AWS knows which resource or resources you are trying to interact with, then works though all the statements and sees which apply to a particular identity
Statements
A statement must match the action and resource
- Sid - Statement ID: Informs the reader what the statement does (OPTIONAL) should always be used
- Effect: Either "allow" or "deny" based on if the action match the action and resource
- Action: "Service: operation" Eg ["S3:*"] would match all of S3 (can be specific or general)
- Resource: The resource the action applies to. EG["*] for all, or ["arn:AWS:S3:::catgifs"]
It is possible to be allowed and denied at the same time
Statement Priorities
- Explicit Deny. Explicit Denies always take priority
- Explicit Allow
- Default - Implicit Deny. With the exception of the account root user, they have no access
"If they're not allowed access, they have no access"
DENY, ALLOW, DENY
There may be multiple policies involved.
When a given identity accesses a resource, it gathers all the statements that apply and evaluates them all at the same time, but the same rule applies, DENY, ALLOW, DENY.
Inline Policies
Applying JSON to each account individually...3 separate policies
Generally used in exceptions or special circumstances
Managed Policies
One policy created as it's own object, then you attach to any identity that you wanted to gain those access rights.
Managed policies should be used for normal default rights
Benefits:
- Reusable
- Low Management overhead. DRY
Two main types: - AWS Managed
- Customer Managed
IAM Users and ARN's
IAM Users are an identity used for anything requiring long-term AWS access. For example, Humans, Applications, or service accounts
IAM starts with a "principals".
A principal is a person or application that makes a request to IAM in order to interact with resources. IAM authenticates against an identity in IAM and then authorizes the principal
Authentication is done with:
- Username and Password
- Access Keys
Once a principle has gone through the authentication process, it is now an "Authenticated Identity"

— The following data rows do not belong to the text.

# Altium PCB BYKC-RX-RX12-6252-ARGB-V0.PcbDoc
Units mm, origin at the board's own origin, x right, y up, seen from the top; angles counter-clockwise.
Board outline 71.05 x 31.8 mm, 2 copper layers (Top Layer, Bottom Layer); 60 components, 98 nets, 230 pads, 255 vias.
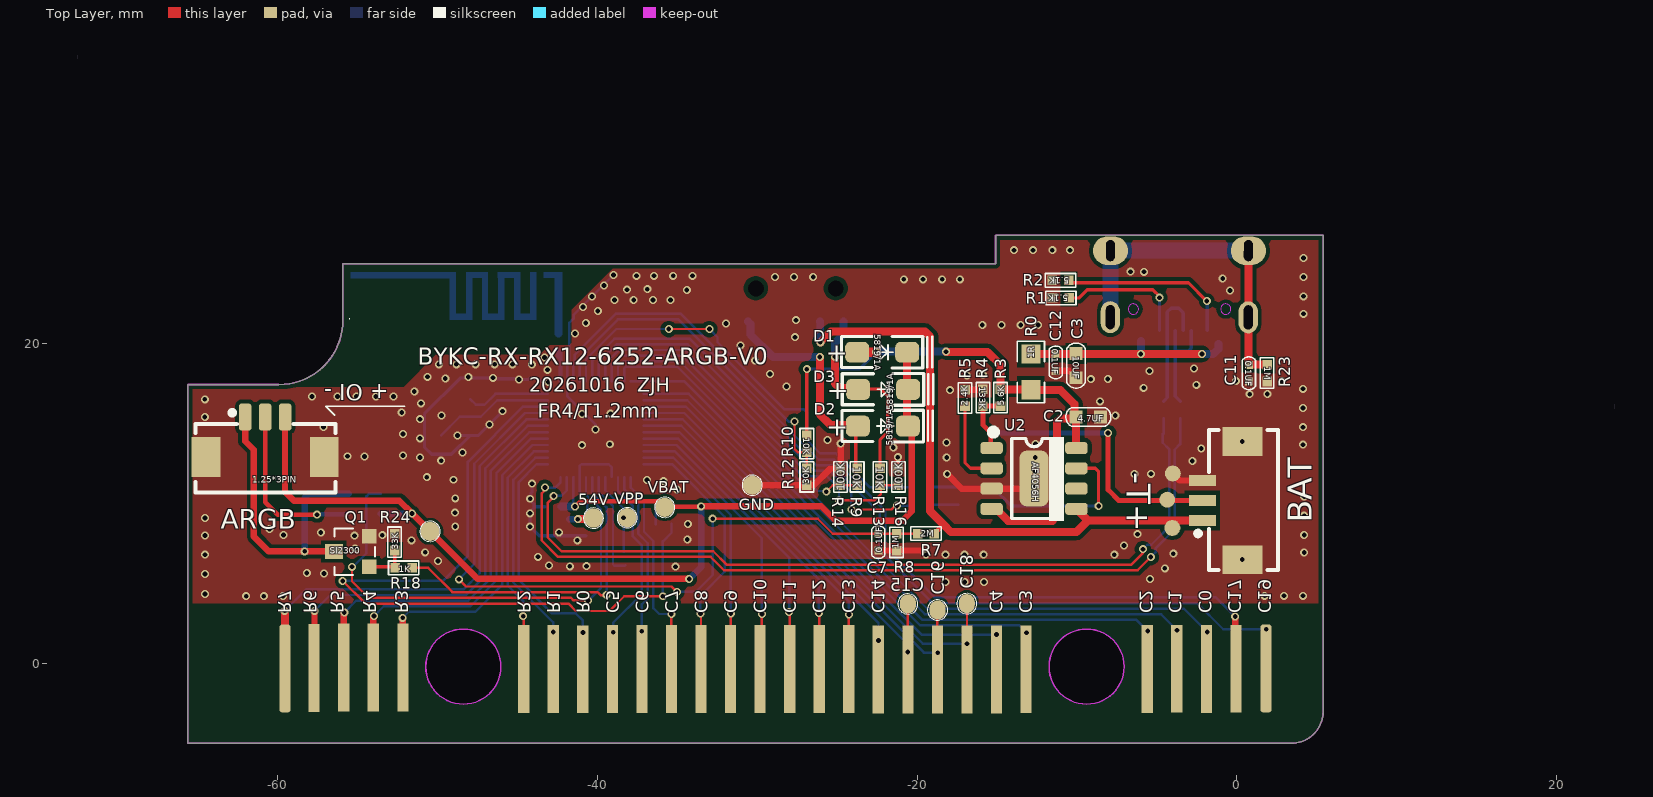
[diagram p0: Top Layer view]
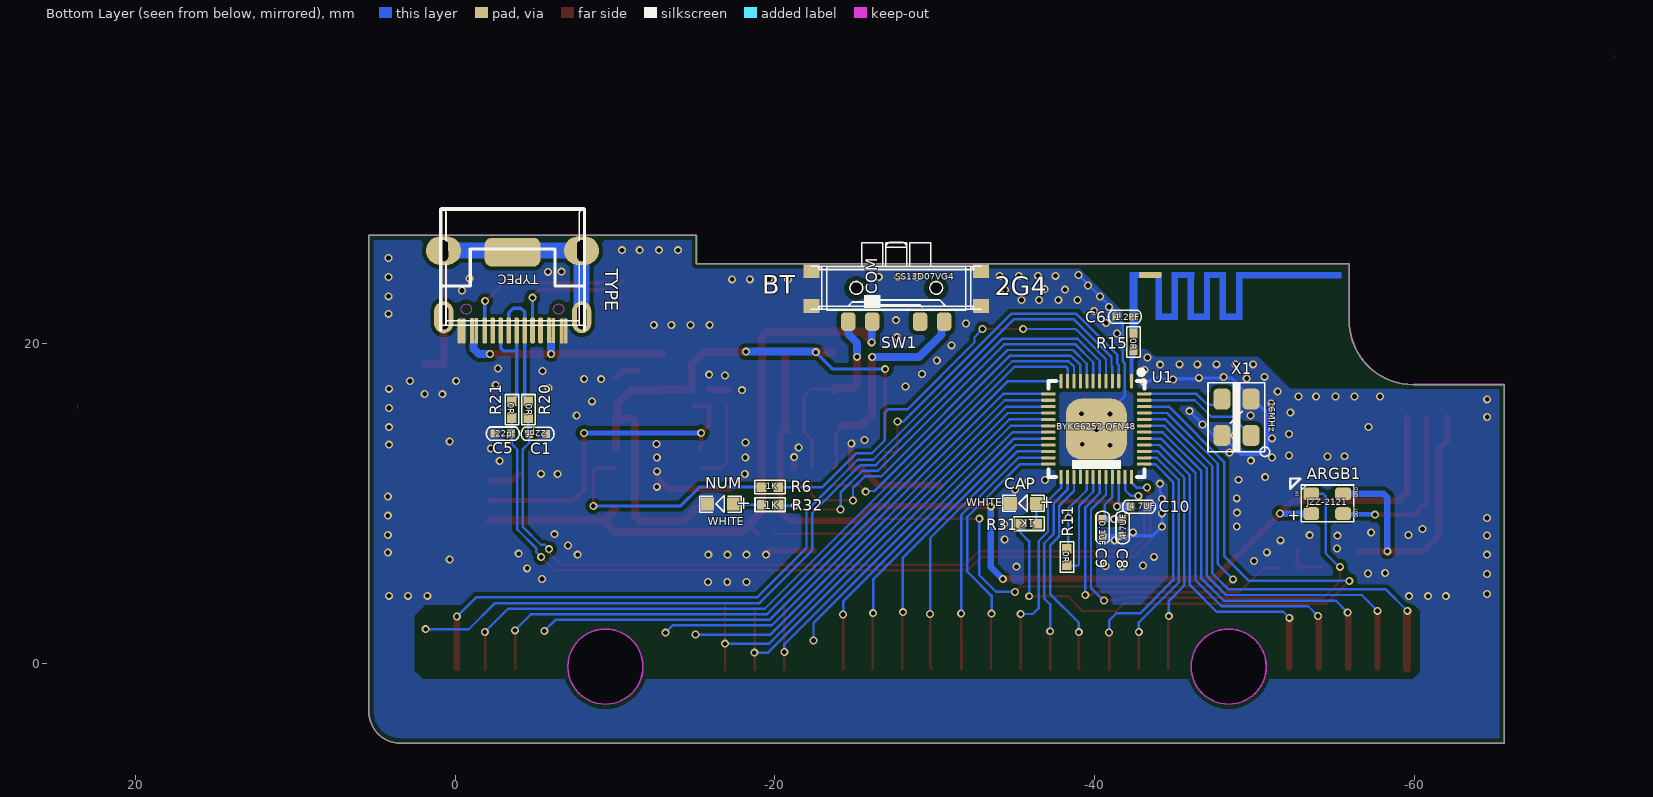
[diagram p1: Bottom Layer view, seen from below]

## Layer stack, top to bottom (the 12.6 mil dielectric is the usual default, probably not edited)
Top Solder: solder mask 0.0102, Solder Resist, Dk 3.5
Top Layer: signal copper 0.0356
Dielectric 1: dielectric 0.32, FR-4, Dk 4.8
Bottom Layer: signal copper 0.0356
Bottom Solder: solder mask 0.0102, Solder Resist, Dk 3.5

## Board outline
-65.644,-5.023 -65.644,17.427 -59.934,17.427 ccw(c-59.934,21.427) -55.934,21.427 -55.934,24.977 -15.094,24.977 -15.094,26.777 5.406,26.777 5.406,-3.023 cw(c3.406,-3.023) 3.406,-5.023
cut-out: -11.744,-0.223 ccw(c-9.394,-0.223) -9.394,-2.573 ccw(c-9.394,-0.223) -7.044,-0.223 ccw(c-9.394,-0.223) -9.394,2.127 ccw(c-9.394,-0.223)
cut-out: -50.744,-0.223 ccw(c-48.394,-0.223) -48.394,-2.573 ccw(c-48.394,-0.223) -46.044,-0.223 ccw(c-48.394,-0.223) -48.394,2.127 ccw(c-48.394,-0.223)

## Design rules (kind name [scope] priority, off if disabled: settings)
Clearance [All] p1: gap=0.199 ignorepadtopadclearanceinfootprint=FALSE except(0.25: Arc-Fill Arc-Poly Arc-Region Track-Fill Track-Poly Track-Region SMDPad-Fill SMDPad-Poly SMDPad-Region THPad-Fill THPad-Poly THPad-Region Via-Fill Via-Poly Via-Region Fill-Fill Fill-Poly Fill-Region Poly-Poly Poly-Region Region-Region)
DiffPairsRouting [All] p1: maxlimit=0.254 minlimit=0.2 mostfreqgap=0.2 toplayer_minwidth=0.2 toplayer_maxwidth=0.2 toplayer_prefwidth=0.2 bottomlayer_minwidth=0.2 bottomlayer_maxwidth=0.2 bottomlayer_prefwidth=0.2 maxuncoupledlength=12.7
PolygonConnect [All] p1: connectstyle=Direct reliefconductorwidth=0.254 reliefentries=4 polygonreliefangle="90 Angle" airgapwidth=0.254
RoutingVias [All] p1: holewidth=0.3 width=0.5 viastyle="Through Hole" minholewidth=0.3 minwidth=0.5 maxholewidth=0.3 maxwidth=0.5
SolderMaskExpansion [All] p1: expansion=0.102 istentingtop=FALSE
Width [All] p1: maxlimit=1 minlimit=0.15 preferedwidth=0.15
29 further rules are at their usual default settings.

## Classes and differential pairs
component class "BYKC_PX781MAX_6625(CD) V1.0": ARGB BAT C1 C2 C3 C5 C6 C8 C9 C10 D1 D2 D3 Q1 R1 R2 R3 R4 R5 R6 R7 R8 R10 R11 R12 R20 R21 SW1 U1 U2 X1

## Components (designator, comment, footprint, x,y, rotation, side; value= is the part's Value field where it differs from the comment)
54V "" TP_1.2C#1 -40.243,9.077 r270 top (schematic designator T3)
ARGB "1.25*3PIN" "3PIN 间距1.25MM"#1 -60.791,14.141 r0 top locked (schematic designator H2)
ARGB1 "JZZ-2121" ARGB-2121-JZZ -54.561,9.991 r90 bottom locked
BAT "" "3PIN 间距1.25MM"#2 -0.901,10.171 r90 top locked (schematic designator BAT1)
C1 "22pf" 0402c -5.152,14.344 r0 bottom value=30pF
C2 "4.7UF" 0603C -10.051,15.401 r0 top
C3 "10UF" 0603C -10.051,17.847 r90 top value=4.7UF
C5 "22pf" 0402c -2.975,14.359 r180 bottom value=30pF
C6 "1.2PF" 0402c -41.9,21.67 r180 bottom value=1.2pF
C7 "0.1UF" 0402c -22.431,7.566 r90 top value=30pF
C8 "4.7UF" 0402c -41.76,8.48 r270 bottom value=10uF
C9 "0.1uF" 0402c -40.51,8.48 r270 bottom
C10 "4.7UF" 0402c -42.781,9.781 r180 bottom value=10uF
C11 "0.1UF" 0402C 0.759,18.131 r270 top
C12 "0.1UF" 0402C -11.331,18.811 r90 top
CAP "WHITE" 0603LED -35.551,9.991 r0 bottom locked (schematic designator LED2)
D1 "5819/1A" 1206D#1 -22.14,19.45 r0 top
D2 "5819/1A" 1206D#2 -22.1,14.83 r0 top
D3 "5819/1A" 1206D#2 -22.08,17.12 r0 top
GND "" TP_1.2C#1 -30.325,11.14 r0 top (schematic designator T3)
NUM "WHITE" 0603LED -16.591,9.951 r0 bottom locked (schematic designator LED3)
Q1 "SI2300" SOT-23 -55.391,6.971 r90 top
R0 "1R" 0805R -12.881,18.221 r90 top value=5.1K (schematic designator R15)
R1 "5.1K" 0402R#1 -10.481,22.851 r180 top
R2 "5.1K" 0402R#1 -11.551,23.951 r0 top
R3 "5.6K" 0402R#1 -14.781,17.131 r270 top
R4 "133K" 0402R#1 -15.881,16.081 r90 top
R5 "2.4K" 0402R#1 -17.001,17.111 r270 top
R6 "1K" 0402R#1 -19.161,11.011 r180 bottom
R7 "2M" 0402R#1 -19.971,8.101 r0 top
R8 "1M" 0402R#1 -21.281,7.031 r90 top
R9 "10K" 0402R#1 -23.751,12.181 r270 top value=1K (schematic designator R10)
R10 "10K" 0402R#1 -26.901,14.251 r270 top
R11 "0R" 0402R#1 -38.27,6.11 r90 bottom
R12 "30K" 0402R#1 -26.901,11.131 r90 top
R13 "10K" 0402R#1 -22.321,12.181 r270 top value=1K (schematic designator R10)
R14 "100K" 0402R#1 -24.801,11.121 r90 top value=1K (schematic designator R10)
R15 "0R" 0402R#2 -42.431,19.571 r90 bottom (schematic designator R5)
R16 "100K" 0402R#1 -21.171,11.131 r90 top value=1K (schematic designator R10)
R18 "1K" 0402R#1 -51.601,5.961 r180 top (schematic designator R13)
R20 "0R" 0402R#1 -4.575,16.381 r270 bottom
R21 "0R" 0402R#1 -3.541,16.381 r270 bottom
R23 "1M" 0402R#3 1.899,18.141 r270 top
R24 "33K" 0402R#1 -52.691,7.041 r90 top value=1K (schematic designator R13)
R31 "1K" 0402R#1 -36.42,8.72 r0 bottom (schematic designator R10)
R32 "1K" 0402R#1 -19.181,9.911 r180 bottom (schematic designator R12)
SW1 "SS13D07VG4" "SW  贴片8PIN" -27.591,22.951 r180 bottom locked
T3 "" TP_1.2C#1 -50.471,8.231 r180 top
T3 "" TP_1.2C#2 -16.896,3.729 r0 top
T3 "" TP_1.2C#2 -18.726,3.329 r0 top
T3 "" TP_1.2C#2 -20.586,3.709 r0 top
TYPE "TYPEC" TYPE16-3D -3.601,23.991 r180 bottom locked
U1 "BYKC6252-QFN48" QFN48-6*6 -40.116,14.645 r180 bottom locked (schematic designator U4)
U2 "AF4056H" SOP8A -12.686,11.548 r0 top locked
VBAT "" TP_1.2C#1 -35.781,9.746 r270 top (schematic designator T3)
VPP "" TP_1.2C#1 -38.151,9.101 r0 top (schematic designator T3)
X1 "16MHz" 3D-3225-4P -48.881,15.381 r90 bottom
? "" ANT0 -46.451,23.381 r90 bottom locked
? "" P1#1 -59.531,-0.308 r180 top
? "" P1#2 -1.582,-0.305 r180 top

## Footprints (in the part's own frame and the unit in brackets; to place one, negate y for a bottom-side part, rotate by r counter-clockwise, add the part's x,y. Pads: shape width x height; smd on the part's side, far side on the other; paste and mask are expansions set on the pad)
3D-3225-4P [mm] "3.2*2.5*0.7mm(长宽高)"
  rrect50% 1.3x1.05 smd: 1(-1.14,-0.91) 2(-1.14,0.91) 3(1.14,0.91) 4(1.14,-0.91)
  silkscreen extent -2.46,-2.08 2.22,1.78, body extent -1.6,-1.25 1.6,1.25, height 0.7
"3PIN 间距1.25MM"#1 [mm]
  rrect50% 0.8x1.7 smd paste+0 mask+0.05: 1(-1.25,1.25) 2(0,1.25) 3(1.25,1.25)
  rect 1.8x2.5 smd paste+0 mask+0.05: 4(-3.7,-1.25) 5(3.7,-1.25)
  silkscreen extent -4.35,-3.47 4.4,1.67
"3PIN 间距1.25MM"#2 [mm]
  rect 0.7x1.7 smd paste+0 mask+0.05: 1(-1.25,1.25) 2(0,1.25) 3(1.25,1.25)
  rect 1.8x2.5 smd paste+0 mask+0.05: 4(-3.7,-1.25) 5(3.7,-1.25)
  silkscreen extent -4.35,-3.47 4.4,1.67
0402c [mm]
  rect 0.5x0.5 smd: 1(-0.525,0) 2(0.525,0)
  silkscreen extent -1.02,-0.42 1.02,0.41
0402C [mm]
  rect 0.5x0.5 smd: 1(-0.525,0) 2(0.525,0)
  silkscreen extent -1.02,-0.42 1.02,0.41, body extent -0.52,-0.28 0.54,0.28, height 0.25
0402R#1 [mm]
  rect 0.6x0.6 smd: 1(0,0) 2(1.05,0)
  silkscreen extent -0.42,-0.42 1.47,0.42
0402R#2 [mm]
  rect 0.6x0.5 smd: 1(0,0) 2(1.05,0)
  silkscreen extent -0.42,-0.43 1.47,0.42
0402R#3 [mm]
  rect 0.6x0.6 smd: 1(-0.525,0) 2(0.525,0)
  silkscreen extent -0.95,-0.42 0.95,0.42, body extent -0.59,-0.19 0.63,0.22, height 0.25
0603C [mm]
  rect 0.8x0.8 smd: 1(0,0) 2(1.524,0)
  silkscreen extent -0.65,-0.58 2.17,0.58
0603LED [mm]
  rect 0.8x0.8 smd: 1(-0.8,0) 2(0.8,0)
  silkscreen extent -1.3,-0.53 1.3,0.51, body extent -0.85,-0.45 0.85,0.45, height 0.9
0805R [mm]
  rect 1.2x1.2 smd: 1(-1.125,0) 2(1.125,0)
  silkscreen extent -1.92,-0.85 1.92,0.85
1206D#1 [mm]
  rrect50% 1.5x1.3 smd: 2(1.52,0) D(-1.61,0)
  silkscreen extent -2.6,-0.99 3.08,0.99, body extent -1.84,-0.8 1.86,0.8, height 1.2
1206D#2 [mm]
  rrect50% 1.5x1.3 smd: 1(-1.61,0) 2(1.52,0)
  silkscreen extent -2.6,-0.99 3.08,0.99, body extent -1.84,-0.8 1.86,0.8, height 1.2
ANT0 [mm]
  rrect50% 0.4x1.4 smd: 1(0.9,2.96)
  Top Layer region: -1.501,2.34 -1.501,1.489 -1.901,1.489 -1.901,2.34
  Top Layer region: 0.696,-2.4 1.095,-2.4 1.095,-9.017 0.696,-9.017
  Top Layer region: 1.097,1.633 1.097,1.233 -1.903,1.233 -1.903,1.633
  Top Layer region: 1.098,1.34 1.098,0.211 0.698,0.211 0.698,1.34
  Top Layer region: 0.85,0.633 0.85,0.211 -1.902,0.211 -1.902,0.633
  Top Layer region: -1.503,0.36 -1.503,-0.59 -1.903,-0.59 -1.903,0.36
  Top Layer region: 1.099,-0.389 1.099,-0.789 -1.903,-0.789 -1.903,-0.389
  Top Layer region: 1.098,-0.68 1.098,-1.783 0.701,-1.783 0.701,-0.68
  Top Layer region: 0.9,-1.384 0.9,-1.784 -1.904,-1.784 -1.904,-1.384
  Top Layer region: -1.505,-1.56 -1.505,-2.65 -1.905,-2.65 -1.905,-1.56
  Top Layer region: 1.096,-2.401 1.096,-2.801 -1.904,-2.801 -1.904,-2.401
  Top Layer region: 1.1,2.641 1.1,2.241 -1.902,2.241 -1.902,2.641
ARGB-2121-JZZ [mm] "JZZ晶之"
  rrect50% 0.8x1 smd: 1(-0.64,-1) 2(0.6,-1) 3(-0.64,1) 4(0.6,1)
  silkscreen extent -1.15,-1.65 1.56,2.32, body extent -1.4,-1.76 1.4,1.74, height 0.21
P1#1 [mm] "金手指"
  rect 0.7x5.5 smd: 1(-1.791,0.002)
P1#2 [mm] "金手指"
  rect 0.7x5.5 smd: 1(-1.531,0.054)
QFN48-6*6 [mm]
  rrect50% 0.19x0.9 smd paste-100 mask+0.051: 1(2.2,3) 3(1.4,3) 4(1,3) 5(0.6,3) 6(0.2,3) 7(-0.2,3) 8(-0.6,3) 9(-1,3) 10(-1.4,3) 11(-1.8,3) 12(-2.2,3) 25(-2.2,-3) 26(-1.8,-3) 27(-1.4,-3) 28(-1,-3) 29(-0.6,-3) 30(-0.2,-3) 31(0.2,-3) 32(0.6,-3) 33(1,-3) 34(1.4,-3) 35(1.8,-3) 36(2.2,-3)
  rrect50% 0.45x1.5 on Bottom Overlay paste-100 mask+0.051: 2(1.8,3)
  rrect50% 0.9x0.19 smd paste-100 mask+0.051: 13(-3,2.2) 14(-3,1.8) 15(-3,1.4) 16(-3,1) 17(-3,0.6) 18(-3,0.2) 19(-3,-0.2) 20(-3,-0.6) 21(-3,-1) 22(-3,-1.4) 23(-3,-1.8) 24(-3,-2.2) 37(3,-2.2) 38(3,-1.8) 39(3,-1.4) 40(3,-1) 41(3,-0.6) 42(3,-0.2) 43(3,0.2) 44(3,0.6) 45(3,1) 46(3,1.4) 47(3,1.8) 48(3,2.2)
  rrect50% 3.8x3.8 smd paste-100 mask+0.051: 49(0.001,-0.001)
  silkscreen extent -3,-3 3,3.7
SOP8A [mm] "5*6*1.8mm（长宽高）"
  rrect50% 1.4x0.75 smd: 1(-2.65,1.905) 2(-2.65,0.635) 3(-2.65,-0.635) 4(-2.65,-1.905) 5(2.65,-1.905) 6(2.65,-0.635) 7(2.65,0.635) 8(2.65,1.905)
  rrect50% 1.8x3.5 smd: 9(0,0)
  silkscreen extent -2.69,-2.66 1.89,3.05, body extent -3,-2.5 3,2.5, height 1.9
SOT-23 [mil]
  rect 36x36 smd: 1(-37.5,-43.48) 2(37.5,-43.48)
  rect 36x43.94 smd: 3(0.5,43.48)
  silkscreen extent -58,-57 57,42
"SW  贴片8PIN" [mm]
  rrect50% 0.9x1.15 smd: 1(-3,-1.588) 2(-1.5,-1.588) 3(1.5,-1.588) 4(3,-1.588)
  rect 1x0.9 smd: 5(-5.3,-0.613) 6(-5.3,1.587) 7(5.3,1.587) 8(5.3,-0.613)
  round 0 hole 1: ""(-2.5,0.5) ""(2.5,0.5)
  silkscreen extent -4.35,-0.86 4.35,3.34
TP_1.2C#1 [mm]
  round 1.2 smd: 1(0.006,-0.009)
  silkscreen extent -0.63,-0.64 0.64,0.63
TP_1.2C#2 [mm]
  oval 1x1.2 smd: 1(0.006,-0.009)
  silkscreen extent -0.63,-0.64 0.64,0.63
TYPE16-3D [mm]
  oval 2.2x1.8 hole 0.55 slot 1.3 at 90.55 deg: 0(-4.33,1.81) 0(4.3,1.81)
  oval 1.2x2 hole 0.55 slot 1.5 at 90.55 deg: 0(-4.32,-2.36) 0(4.31,-2.35)
  rrect50% 3.5x1.8 smd: 0(-0.01,1.72)
  rrect50% 0.23x1.55 smd: 1(-3.34,-3.22) 2(-3.08,-3.22) 15(3.06,-3.22) 16(3.32,-3.22)
  rrect50% 0.23x1.6 smd: 3(-2.55,-3.2) 4(-2.29,-3.2) 13(2.27,-3.18)
  rrect50% 0.3x1.6 smd: 5(-1.758,-3.183) 6(-1.258,-3.183) 7(-0.758,-3.183) 8(-0.258,-3.183) 9(0.242,-3.183) 10(0.742,-3.183) 11(1.242,-3.183) 12(1.742,-3.183)
  rrect50% 0.23x1.58 smd: 14(2.53,-3.19)
  Keep-Out Layer circle w0.05: c-2.913,-1.843 r0.325
  Keep-Out Layer circle w0.05: c2.867,-1.843 r0.325
  silkscreen extent -4.51,-3.14 4.49,4.41, body extent -4.49,-3.57 4.45,4.33, height 3.25

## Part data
54V GND T3 T3 T3 T3 VBAT VPP: library part TEST_POINT
ARGB: library part PZ254V-11-03P, Color=黑色, Current Rating (Max)=3A, JLCPCB Part Class="Extended Part", LCSC Part Name="间距:2.54mm 1x3P 直插 方针", Manufacturer=XFCN(兴飞), Operating Temperature Range=-40℃~+105℃, Voltage Rating (Max)=250V
BAT: library part Battery, "Multicell Battery"
C1 C5 C6 C7 C8 C9 C10: library part CAP_0603
C2 C3: library part Cap, "Capacitor"
CAP NUM: library part LED_0603-R
D1: library part "D Schottky", "Schottky Diode"
D2 D3: library part D_1N4007A
Q1: library part SI2301-ZE, Continuous Drain Current (Id)=2.3A, Drain Source On Resistance (RDS(on)@Vgs,Id)=126mΩ@4.5V, Drain Source Voltage (Vdss)=20V, Gate Threshold Voltage (Vgs(th)@Id)=1V@250uA, Input Capacitance (Ciss@Vds)=285pF, JLCPCB Part Class="Extended Part", LCSC Part Name="1个P沟道 耐压:20V 电流:2.3A", Manufacturer="HXY MOSFET(华轩阳电子)", Manufacturer Part=SI2300-ZE, Power Dissipation (Pd)=700mW
R0 R1 R2 R7 R8 R9 R10 R11 R12 R13 R14 R16 R18 R20 R21 R24 R31 R32: library part Res_0603
R3 R4 R5 R6 R15: library part Res2, "Resistor"
SW1: Actuator Color=-, Current Rating (DC)=500mA, JLCPCB Part Class="Extended Part", LCSC Part Name="4脚3三档位SS13D07VG2 1P3T立式拨动开关,柄长4MM", Manufacturer="SHOU HAN(首韩)", Operating Temperature=-10℃~+50℃, Voltage Rating (DC)=50V
U1: library part "BYC6625 QFN48"
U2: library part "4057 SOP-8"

AWS then knows which IAM policies apply to that identity
ARN's - Amazon Resource Names
Uniquely identify resources within any AWS accounts.
The top ARN references an actual bucket, the bottom ARN references anything in the bucket, but not the bucket itself
You can only ever have 5000 IAM users per account
An IAM user can be a member of a max of 10 groups
Simple Identity Permissions in AWS
IAM Groups
IAM groups are containers for Users
There are no credentials for IAM groups, and you cannot log into an IAM group
They're used solely for organizing users
A user can be a member of multiple groups
Groups can have both managed and inline policies
When thinking about allow/denies, for someone with a group policy and individual policy, you need to apply the sam deny allow deny rule to them
There is no limit for number of users in a group
There is no built in all users group in IAM
you cannot nest groups
there is a limit of 300 groups/account but this can be increased via support
Groups are not a true identity, they can't be referenced as a principal in a policy
IAM Roles
A role is one type of identity that exists in an AWS account (the other is USER)
A role is best suited for an unknown number of principles, not just one
Roles are generally used on a temporary basis
IAM users can have attached roles
IAM roles have two types that can be attached, the trust policies and the permissions policies
If someone assumes a role, they are assigned temporary security credentials
The credentials are checked against permission policies
sts:AssumeRole is a secure token system used to assume roles.